So far then, Maxi seems to be doing everything Joe can do, but better. But how do their roles differ on the pitch, and what positions will Cole take up, that Maxi doesn’t? A chalkboard should tell us this.
Joe Cole V West Ham – he came on for the injured Martin Kelly on 43 minutes.
As the chalkboards (and AnfieldIndex Opta Stats) are available for the Premier League only, I struggled to find a match in which Cole played a significant role in (with Dalglish as manager). Against West Ham, he came on the pitch on 43 minutes. In that time, he attempted just as many balls into the box as Maxi did in a full 90. His pass completion of 75% is roughly in line with his season accumulative stats.
The most striking thing about this chalkboard (and Maxi’s) is how similar they are. Of course, over 90 minutes, Maxi attempted more passes. However, the areas of the pitch they happened in, and their general range, are very much the same.
As an attacking threat himself, Joe Cole averages a goal every 358 minutes. If we assumed he played the same minutes this season as Maxi, he would have 5 goals. So, in terms of goals, not really that much between them. His chance conversion rate is like Maxi 11%, and Cole has a shot every 38 minutes. His goal/game ratio is slightly better than his career, where he averages a goal every 8 games. Never in a full season (all competitions) has he ever had a better ratio than 1 in 4, his best being a goal every 4.18 games.
So all in all, Maxi and Cole offer us very similar qualities, but also the same limitations. Considering their ages, and style of play, I feel there is only room for one of Maxi or Cole in our squad. If you consider we will likely be making an addition, then something has to give.

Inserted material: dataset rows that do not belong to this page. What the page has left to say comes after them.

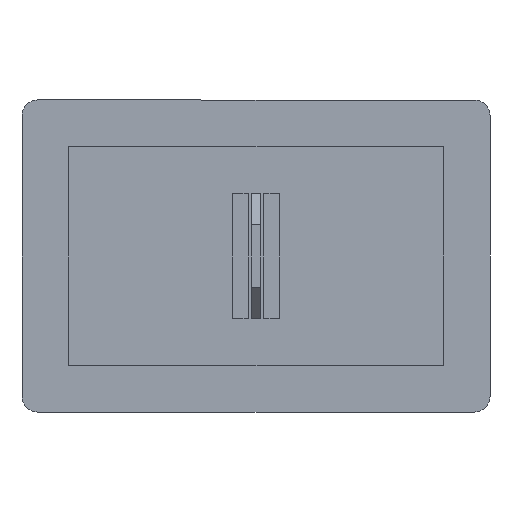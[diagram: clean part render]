
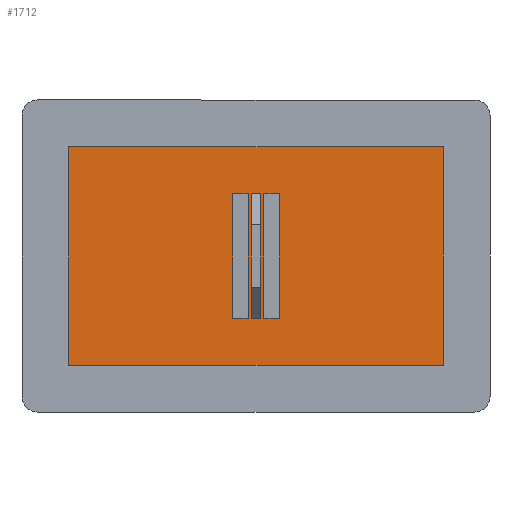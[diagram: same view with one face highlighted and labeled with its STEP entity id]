
A CAD part, left-side view. The second image highlights one B-rep face of the part: STEP entity #1712.
In plain terms, the highlighted planar face has unit normal (-1, 0, 0).
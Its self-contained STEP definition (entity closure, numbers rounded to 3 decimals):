
#21 = CARTESIAN_POINT ( 'NONE',  ( 0., -0.25, -2. ) ) ;
#40 = EDGE_LOOP ( 'NONE', ( #927, #2148, #1629, #1467 ) ) ;
#49 = VERTEX_POINT ( 'NONE', #1032 ) ;
#71 = CARTESIAN_POINT ( 'NONE',  ( 0., -6., 3.5 ) ) ;
#85 = DIRECTION ( 'NONE',  ( 1., 0., 0. ) ) ;
#99 = VERTEX_POINT ( 'NONE', #71 ) ;
#158 = VECTOR ( 'NONE', #728, 1000. ) ;
#162 = ORIENTED_EDGE ( 'NONE', *, *, #568, .F. ) ;
#167 = ORIENTED_EDGE ( 'NONE', *, *, #750, .F. ) ;
#198 = DIRECTION ( 'NONE',  ( 0., 1., 0. ) ) ;
#250 = CARTESIAN_POINT ( 'NONE',  ( 0., 0.15, 2. ) ) ;
#276 = PLANE ( 'NONE',  #2211 ) ;
#325 = LINE ( 'NONE', #2279, #158 ) ;
#326 = VECTOR ( 'NONE', #1975, 1000. ) ;
#360 = CARTESIAN_POINT ( 'NONE',  ( 0., 0.25, -2. ) ) ;
#371 = VERTEX_POINT ( 'NONE', #2536 ) ;
#378 = EDGE_CURVE ( 'NONE', #2498, #995, #2357, .T. ) ;
#400 = VECTOR ( 'NONE', #795, 1000. ) ;
#428 = CARTESIAN_POINT ( 'NONE',  ( 0., 0.25, 2. ) ) ;
#439 = VERTEX_POINT ( 'NONE', #2392 ) ;
#459 = LINE ( 'NONE', #472, #1759 ) ;
#472 = CARTESIAN_POINT ( 'NONE',  ( 0., 0.75, -2. ) ) ;
#473 = FACE_BOUND ( 'NONE', #2186, .T. ) ;
#508 = EDGE_CURVE ( 'NONE', #995, #371, #459, .T. ) ;
#518 = VERTEX_POINT ( 'NONE', #1061 ) ;
#522 = EDGE_CURVE ( 'NONE', #518, #1084, #1844, .T. ) ;
#549 = CARTESIAN_POINT ( 'NONE',  ( 0., 0.75, 2. ) ) ;
#568 = EDGE_CURVE ( 'NONE', #439, #935, #1730, .T. ) ;
#574 = DIRECTION ( 'NONE',  ( 0., -1., 0. ) ) ;
#600 = CARTESIAN_POINT ( 'NONE',  ( 0., 0.75, 2. ) ) ;
#604 = ORIENTED_EDGE ( 'NONE', *, *, #2500, .F. ) ;
#631 = CARTESIAN_POINT ( 'NONE',  ( 0., 0.15, -2. ) ) ;
#641 = LINE ( 'NONE', #2012, #864 ) ;
#650 = EDGE_CURVE ( 'NONE', #2008, #1322, #2499, .T. ) ;
#668 = EDGE_CURVE ( 'NONE', #1322, #2233, #2147, .T. ) ;
#691 = CARTESIAN_POINT ( 'NONE',  ( 0., 0., 0. ) ) ;
#703 = EDGE_CURVE ( 'NONE', #371, #1239, #988, .T. ) ;
#705 = CARTESIAN_POINT ( 'NONE',  ( 0., -0.75, 2. ) ) ;
#728 = DIRECTION ( 'NONE',  ( 0., -1., 0. ) ) ;
#750 = EDGE_CURVE ( 'NONE', #935, #2471, #1370, .T. ) ;
#768 = DIRECTION ( 'NONE',  ( 0., -1., 0. ) ) ;
#788 = CARTESIAN_POINT ( 'NONE',  ( 0., 0.15, -2. ) ) ;
#795 = DIRECTION ( 'NONE',  ( 0., 0., 1. ) ) ;
#801 = DIRECTION ( 'NONE',  ( 0., -1., 0. ) ) ;
#803 = DIRECTION ( 'NONE',  ( 0., 0., 1. ) ) ;
#864 = VECTOR ( 'NONE', #801, 1000. ) ;
#876 = CARTESIAN_POINT ( 'NONE',  ( 0., 0.25, -2. ) ) ;
#909 = ORIENTED_EDGE ( 'NONE', *, *, #985, .F. ) ;
#927 = ORIENTED_EDGE ( 'NONE', *, *, #378, .F. ) ;
#935 = VERTEX_POINT ( 'NONE', #1621 ) ;
#947 = VECTOR ( 'NONE', #1952, 1000. ) ;
#972 = CARTESIAN_POINT ( 'NONE',  ( 0., 6., 3.5 ) ) ;
#985 = EDGE_CURVE ( 'NONE', #1571, #49, #325, .T. ) ;
#988 = LINE ( 'NONE', #2327, #1516 ) ;
#995 = VERTEX_POINT ( 'NONE', #549 ) ;
#1032 = CARTESIAN_POINT ( 'NONE',  ( 0., -0.15, -2. ) ) ;
#1060 = VERTEX_POINT ( 'NONE', #705 ) ;
#1061 = CARTESIAN_POINT ( 'NONE',  ( 0., -0.15, 2. ) ) ;
#1074 = ORIENTED_EDGE ( 'NONE', *, *, #1715, .F. ) ;
#1078 = ORIENTED_EDGE ( 'NONE', *, *, #522, .F. ) ;
#1084 = VERTEX_POINT ( 'NONE', #2494 ) ;
#1129 = ORIENTED_EDGE ( 'NONE', *, *, #1762, .F. ) ;
#1171 = ORIENTED_EDGE ( 'NONE', *, *, #1200, .F. ) ;
#1198 = LINE ( 'NONE', #631, #326 ) ;
#1200 = EDGE_CURVE ( 'NONE', #1060, #2008, #1201, .T. ) ;
#1201 = LINE ( 'NONE', #2364, #2455 ) ;
#1239 = VERTEX_POINT ( 'NONE', #360 ) ;
#1243 = DIRECTION ( 'NONE',  ( 0., 1., 0. ) ) ;
#1269 = ORIENTED_EDGE ( 'NONE', *, *, #668, .F. ) ;
#1272 = VECTOR ( 'NONE', #198, 1000. ) ;
#1314 = VECTOR ( 'NONE', #2189, 1000. ) ;
#1322 = VERTEX_POINT ( 'NONE', #2209 ) ;
#1341 = EDGE_CURVE ( 'NONE', #2233, #1060, #1630, .T. ) ;
#1356 = VECTOR ( 'NONE', #803, 1000. ) ;
#1370 = LINE ( 'NONE', #972, #400 ) ;
#1430 = CARTESIAN_POINT ( 'NONE',  ( 0., -0.75, -2. ) ) ;
#1438 = FACE_OUTER_BOUND ( 'NONE', #2134, .T. ) ;
#1467 = ORIENTED_EDGE ( 'NONE', *, *, #508, .F. ) ;
#1471 = VECTOR ( 'NONE', #1908, 1000. ) ;
#1474 = LINE ( 'NONE', #2170, #1356 ) ;
#1493 = CARTESIAN_POINT ( 'NONE',  ( 0., -0.75, -2. ) ) ;
#1500 = CARTESIAN_POINT ( 'NONE',  ( 0., 6., -3.5 ) ) ;
#1513 = ORIENTED_EDGE ( 'NONE', *, *, #1341, .F. ) ;
#1516 = VECTOR ( 'NONE', #574, 1000. ) ;
#1527 = CARTESIAN_POINT ( 'NONE',  ( 0., -0.25, -2. ) ) ;
#1571 = VERTEX_POINT ( 'NONE', #788 ) ;
#1621 = CARTESIAN_POINT ( 'NONE',  ( 0., 6., -3.5 ) ) ;
#1625 = LINE ( 'NONE', #2219, #1314 ) ;
#1629 = ORIENTED_EDGE ( 'NONE', *, *, #703, .F. ) ;
#1630 = LINE ( 'NONE', #1493, #2416 ) ;
#1632 = EDGE_CURVE ( 'NONE', #1239, #2498, #2023, .T. ) ;
#1635 = VECTOR ( 'NONE', #768, 1000. ) ;
#1641 = DIRECTION ( 'NONE',  ( 0., 0., -1. ) ) ;
#1643 = DIRECTION ( 'NONE',  ( 0., 0., 1. ) ) ;
#1654 = DIRECTION ( 'NONE',  ( 0., 0., -1. ) ) ;
#1669 = ORIENTED_EDGE ( 'NONE', *, *, #650, .F. ) ;
#1712 = ADVANCED_FACE ( 'NONE', ( #1822, #1438, #2229, #473 ), #276, .F. ) ;
#1715 = EDGE_CURVE ( 'NONE', #49, #518, #1474, .T. ) ;
#1730 = LINE ( 'NONE', #1500, #1471 ) ;
#1759 = VECTOR ( 'NONE', #1641, 1000. ) ;
#1762 = EDGE_CURVE ( 'NONE', #1084, #1571, #1198, .T. ) ;
#1822 = FACE_BOUND ( 'NONE', #1862, .T. ) ;
#1844 = LINE ( 'NONE', #250, #2497 ) ;
#1862 = EDGE_LOOP ( 'NONE', ( #1171, #1513, #1269, #1669 ) ) ;
#1908 = DIRECTION ( 'NONE',  ( 0., 1., 0. ) ) ;
#1951 = DIRECTION ( 'NONE',  ( 0., 1., 0. ) ) ;
#1952 = DIRECTION ( 'NONE',  ( 0., 0., -1. ) ) ;
#1975 = DIRECTION ( 'NONE',  ( 0., 0., -1. ) ) ;
#2008 = VERTEX_POINT ( 'NONE', #2265 ) ;
#2012 = CARTESIAN_POINT ( 'NONE',  ( 0., 6., 3.5 ) ) ;
#2023 = LINE ( 'NONE', #876, #2417 ) ;
#2134 = EDGE_LOOP ( 'NONE', ( #162, #2492, #604, #167 ) ) ;
#2147 = LINE ( 'NONE', #21, #1635 ) ;
#2148 = ORIENTED_EDGE ( 'NONE', *, *, #1632, .F. ) ;
#2170 = CARTESIAN_POINT ( 'NONE',  ( 0., -0.15, -2. ) ) ;
#2186 = EDGE_LOOP ( 'NONE', ( #1078, #1074, #909, #1129 ) ) ;
#2189 = DIRECTION ( 'NONE',  ( 0., 0., -1. ) ) ;
#2209 = CARTESIAN_POINT ( 'NONE',  ( 0., -0.25, -2. ) ) ;
#2211 = AXIS2_PLACEMENT_3D ( 'NONE', #691, #85, #1654 ) ;
#2219 = CARTESIAN_POINT ( 'NONE',  ( 0., -6., 3.5 ) ) ;
#2229 = FACE_BOUND ( 'NONE', #40, .T. ) ;
#2233 = VERTEX_POINT ( 'NONE', #1430 ) ;
#2265 = CARTESIAN_POINT ( 'NONE',  ( 0., -0.25, 2. ) ) ;
#2279 = CARTESIAN_POINT ( 'NONE',  ( 0., 0.15, -2. ) ) ;
#2327 = CARTESIAN_POINT ( 'NONE',  ( 0., 0.75, -2. ) ) ;
#2357 = LINE ( 'NONE', #600, #1272 ) ;
#2364 = CARTESIAN_POINT ( 'NONE',  ( 0., -0.25, 2. ) ) ;
#2383 = CARTESIAN_POINT ( 'NONE',  ( 0., 6., 3.5 ) ) ;
#2392 = CARTESIAN_POINT ( 'NONE',  ( 0., -6., -3.5 ) ) ;
#2415 = DIRECTION ( 'NONE',  ( 0., 0., 1. ) ) ;
#2416 = VECTOR ( 'NONE', #2415, 1000. ) ;
#2417 = VECTOR ( 'NONE', #1643, 1000. ) ;
#2455 = VECTOR ( 'NONE', #1951, 1000. ) ;
#2471 = VERTEX_POINT ( 'NONE', #2383 ) ;
#2482 = EDGE_CURVE ( 'NONE', #99, #439, #1625, .T. ) ;
#2492 = ORIENTED_EDGE ( 'NONE', *, *, #2482, .F. ) ;
#2494 = CARTESIAN_POINT ( 'NONE',  ( 0., 0.15, 2. ) ) ;
#2497 = VECTOR ( 'NONE', #1243, 1000. ) ;
#2498 = VERTEX_POINT ( 'NONE', #428 ) ;
#2499 = LINE ( 'NONE', #1527, #947 ) ;
#2500 = EDGE_CURVE ( 'NONE', #2471, #99, #641, .T. ) ;
#2536 = CARTESIAN_POINT ( 'NONE',  ( 0., 0.75, -2. ) ) ;

Maxi appears to do everything that Cole does, and in many of the key areas, he has been better this season. Of course as I mentioned at the start about Joe Cole, much of his poor season can be down to his fitness. This is a trait consistent throughout his career. If he could stay fit, then maybe he would equal (or better) what Maxi can do. However, at his age now, we can’t afford to wait for him to come good. If we can get a fair price for Cole, then I feel he may be surplus to requirements.
Dirk Kuyt (Age 30)
Dirk Kuyt. Probably the definition of a square peg in a round hole. However, he doesn’t half do a bad job at it does he?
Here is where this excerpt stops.